(Recorded data)
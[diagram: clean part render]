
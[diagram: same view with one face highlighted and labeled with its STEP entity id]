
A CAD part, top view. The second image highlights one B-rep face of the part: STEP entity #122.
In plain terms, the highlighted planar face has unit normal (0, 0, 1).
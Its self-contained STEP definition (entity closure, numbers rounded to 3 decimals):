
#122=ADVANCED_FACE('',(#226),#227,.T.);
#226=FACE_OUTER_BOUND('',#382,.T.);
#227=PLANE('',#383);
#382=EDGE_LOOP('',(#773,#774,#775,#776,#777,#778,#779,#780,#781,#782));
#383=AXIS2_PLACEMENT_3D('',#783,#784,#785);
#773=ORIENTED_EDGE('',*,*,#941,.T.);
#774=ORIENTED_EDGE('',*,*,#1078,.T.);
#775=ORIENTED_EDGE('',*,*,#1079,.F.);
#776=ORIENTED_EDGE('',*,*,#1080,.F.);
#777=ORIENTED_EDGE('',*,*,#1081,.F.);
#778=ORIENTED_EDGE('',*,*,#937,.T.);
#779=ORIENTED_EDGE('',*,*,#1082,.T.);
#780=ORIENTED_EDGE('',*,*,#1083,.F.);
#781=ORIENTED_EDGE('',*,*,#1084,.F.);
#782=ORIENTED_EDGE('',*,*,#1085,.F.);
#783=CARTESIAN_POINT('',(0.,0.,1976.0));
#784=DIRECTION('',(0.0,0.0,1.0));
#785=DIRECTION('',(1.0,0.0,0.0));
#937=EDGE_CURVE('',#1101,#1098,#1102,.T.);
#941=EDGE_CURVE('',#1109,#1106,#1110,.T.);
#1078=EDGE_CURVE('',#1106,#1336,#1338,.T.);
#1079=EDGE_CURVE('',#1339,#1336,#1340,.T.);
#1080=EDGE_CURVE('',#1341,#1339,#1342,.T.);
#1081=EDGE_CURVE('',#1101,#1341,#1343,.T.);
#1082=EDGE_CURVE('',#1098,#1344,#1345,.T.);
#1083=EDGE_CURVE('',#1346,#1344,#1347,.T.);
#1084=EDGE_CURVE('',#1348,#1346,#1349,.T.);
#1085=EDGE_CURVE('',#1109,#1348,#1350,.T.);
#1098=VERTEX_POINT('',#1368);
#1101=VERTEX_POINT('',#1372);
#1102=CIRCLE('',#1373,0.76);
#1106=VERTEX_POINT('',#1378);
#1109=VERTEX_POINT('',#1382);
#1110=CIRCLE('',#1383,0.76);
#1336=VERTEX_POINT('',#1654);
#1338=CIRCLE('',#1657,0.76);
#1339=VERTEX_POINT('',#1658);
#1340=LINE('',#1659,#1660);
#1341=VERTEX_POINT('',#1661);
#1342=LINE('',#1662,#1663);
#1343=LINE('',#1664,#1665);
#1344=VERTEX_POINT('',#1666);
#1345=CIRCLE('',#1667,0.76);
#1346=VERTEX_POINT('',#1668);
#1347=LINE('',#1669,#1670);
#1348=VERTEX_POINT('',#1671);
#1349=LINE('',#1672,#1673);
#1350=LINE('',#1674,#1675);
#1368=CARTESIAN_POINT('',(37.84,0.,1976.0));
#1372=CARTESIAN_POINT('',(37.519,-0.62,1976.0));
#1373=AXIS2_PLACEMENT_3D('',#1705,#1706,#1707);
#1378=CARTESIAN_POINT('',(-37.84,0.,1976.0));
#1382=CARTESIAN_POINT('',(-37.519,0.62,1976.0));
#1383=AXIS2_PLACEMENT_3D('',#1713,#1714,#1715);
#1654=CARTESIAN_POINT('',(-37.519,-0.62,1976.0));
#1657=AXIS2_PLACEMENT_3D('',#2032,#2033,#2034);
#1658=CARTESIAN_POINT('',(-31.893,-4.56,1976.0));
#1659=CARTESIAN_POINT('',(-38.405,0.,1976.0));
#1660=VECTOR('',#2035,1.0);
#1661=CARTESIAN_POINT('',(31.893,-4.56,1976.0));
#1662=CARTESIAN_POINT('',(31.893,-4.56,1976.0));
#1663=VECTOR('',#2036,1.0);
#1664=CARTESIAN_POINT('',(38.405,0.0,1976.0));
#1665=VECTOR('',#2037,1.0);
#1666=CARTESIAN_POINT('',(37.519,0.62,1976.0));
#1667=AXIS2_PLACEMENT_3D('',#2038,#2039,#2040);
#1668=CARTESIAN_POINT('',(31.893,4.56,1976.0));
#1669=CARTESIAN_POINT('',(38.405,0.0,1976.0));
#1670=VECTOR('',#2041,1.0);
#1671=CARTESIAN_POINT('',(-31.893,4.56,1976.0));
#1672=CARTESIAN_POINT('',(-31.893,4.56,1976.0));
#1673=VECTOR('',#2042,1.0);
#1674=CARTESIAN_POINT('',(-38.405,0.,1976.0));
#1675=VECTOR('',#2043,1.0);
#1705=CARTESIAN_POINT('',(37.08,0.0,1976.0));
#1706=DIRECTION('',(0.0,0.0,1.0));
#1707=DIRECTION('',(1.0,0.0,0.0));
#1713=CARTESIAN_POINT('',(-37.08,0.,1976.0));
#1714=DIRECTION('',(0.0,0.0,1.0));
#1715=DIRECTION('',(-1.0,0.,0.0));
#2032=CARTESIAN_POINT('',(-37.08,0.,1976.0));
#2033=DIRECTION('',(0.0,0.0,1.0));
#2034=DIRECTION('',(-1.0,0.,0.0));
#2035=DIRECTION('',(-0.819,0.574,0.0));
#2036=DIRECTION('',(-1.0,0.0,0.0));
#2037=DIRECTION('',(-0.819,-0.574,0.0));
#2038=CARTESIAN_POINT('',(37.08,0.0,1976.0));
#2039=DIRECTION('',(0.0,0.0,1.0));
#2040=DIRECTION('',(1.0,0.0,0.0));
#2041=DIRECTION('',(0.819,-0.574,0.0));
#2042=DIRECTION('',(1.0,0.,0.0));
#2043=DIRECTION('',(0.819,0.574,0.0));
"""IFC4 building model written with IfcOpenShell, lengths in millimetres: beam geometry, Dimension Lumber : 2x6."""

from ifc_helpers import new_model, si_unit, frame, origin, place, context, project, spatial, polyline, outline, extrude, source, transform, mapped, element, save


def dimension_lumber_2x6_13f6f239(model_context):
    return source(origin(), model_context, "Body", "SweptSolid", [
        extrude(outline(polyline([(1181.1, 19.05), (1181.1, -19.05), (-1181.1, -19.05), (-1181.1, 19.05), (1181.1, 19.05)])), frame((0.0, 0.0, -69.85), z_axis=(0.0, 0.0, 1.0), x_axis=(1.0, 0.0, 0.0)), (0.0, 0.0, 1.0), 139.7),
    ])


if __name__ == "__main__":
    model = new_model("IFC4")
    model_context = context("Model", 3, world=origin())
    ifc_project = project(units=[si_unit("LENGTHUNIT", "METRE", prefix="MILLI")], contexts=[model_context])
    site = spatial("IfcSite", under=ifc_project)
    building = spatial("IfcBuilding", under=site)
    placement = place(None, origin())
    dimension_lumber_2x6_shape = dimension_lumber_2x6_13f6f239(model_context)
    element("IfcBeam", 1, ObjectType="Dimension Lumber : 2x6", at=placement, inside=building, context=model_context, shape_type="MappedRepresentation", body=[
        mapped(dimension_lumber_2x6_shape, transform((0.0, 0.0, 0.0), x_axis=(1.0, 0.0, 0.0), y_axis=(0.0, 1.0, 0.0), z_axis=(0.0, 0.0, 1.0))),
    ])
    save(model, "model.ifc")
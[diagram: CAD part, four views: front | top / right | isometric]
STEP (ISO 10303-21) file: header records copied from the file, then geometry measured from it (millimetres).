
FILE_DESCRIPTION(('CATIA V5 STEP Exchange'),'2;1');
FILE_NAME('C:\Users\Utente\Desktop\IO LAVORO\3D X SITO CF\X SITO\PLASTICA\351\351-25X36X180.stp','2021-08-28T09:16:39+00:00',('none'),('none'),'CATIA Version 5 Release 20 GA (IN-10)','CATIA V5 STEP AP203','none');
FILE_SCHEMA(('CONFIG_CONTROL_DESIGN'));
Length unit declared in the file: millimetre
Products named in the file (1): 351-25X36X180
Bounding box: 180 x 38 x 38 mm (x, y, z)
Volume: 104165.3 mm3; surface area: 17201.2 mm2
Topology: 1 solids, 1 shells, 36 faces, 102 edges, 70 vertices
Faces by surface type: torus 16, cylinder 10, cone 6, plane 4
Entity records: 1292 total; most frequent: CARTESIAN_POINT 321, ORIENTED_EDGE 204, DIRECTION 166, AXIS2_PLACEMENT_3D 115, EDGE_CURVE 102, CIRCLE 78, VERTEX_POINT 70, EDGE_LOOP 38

> [Task directions]: Your reply must contain exactly the lines from the first line of the data through the line holding "#785=DIRECTION('',(1.0,0.0,0.0));", and nothing more.

> [Result of this exercise]:
[diagram: clean part render]
[diagram: same view with one face highlighted and labeled with its STEP entity id]
A CAD part, top view. The second image highlights one B-rep face of the part: STEP entity #122.
In plain terms, the highlighted planar face has unit normal (0, 0, 1).
Its self-contained STEP definition (entity closure, numbers rounded to 3 decimals):
#122=ADVANCED_FACE('',(#226),#227,.T.);
#226=FACE_OUTER_BOUND('',#382,.T.);
#227=PLANE('',#383);
#382=EDGE_LOOP('',(#773,#774,#775,#776,#777,#778,#779,#780,#781,#782));
#383=AXIS2_PLACEMENT_3D('',#783,#784,#785);
#773=ORIENTED_EDGE('',*,*,#941,.T.);
#774=ORIENTED_EDGE('',*,*,#1078,.T.);
#775=ORIENTED_EDGE('',*,*,#1079,.F.);
#776=ORIENTED_EDGE('',*,*,#1080,.F.);
#777=ORIENTED_EDGE('',*,*,#1081,.F.);
#778=ORIENTED_EDGE('',*,*,#937,.T.);
#779=ORIENTED_EDGE('',*,*,#1082,.T.);
#780=ORIENTED_EDGE('',*,*,#1083,.F.);
#781=ORIENTED_EDGE('',*,*,#1084,.F.);
#782=ORIENTED_EDGE('',*,*,#1085,.F.);
#783=CARTESIAN_POINT('',(0.,0.,1976.0));
#784=DIRECTION('',(0.0,0.0,1.0));
#785=DIRECTION('',(1.0,0.0,0.0));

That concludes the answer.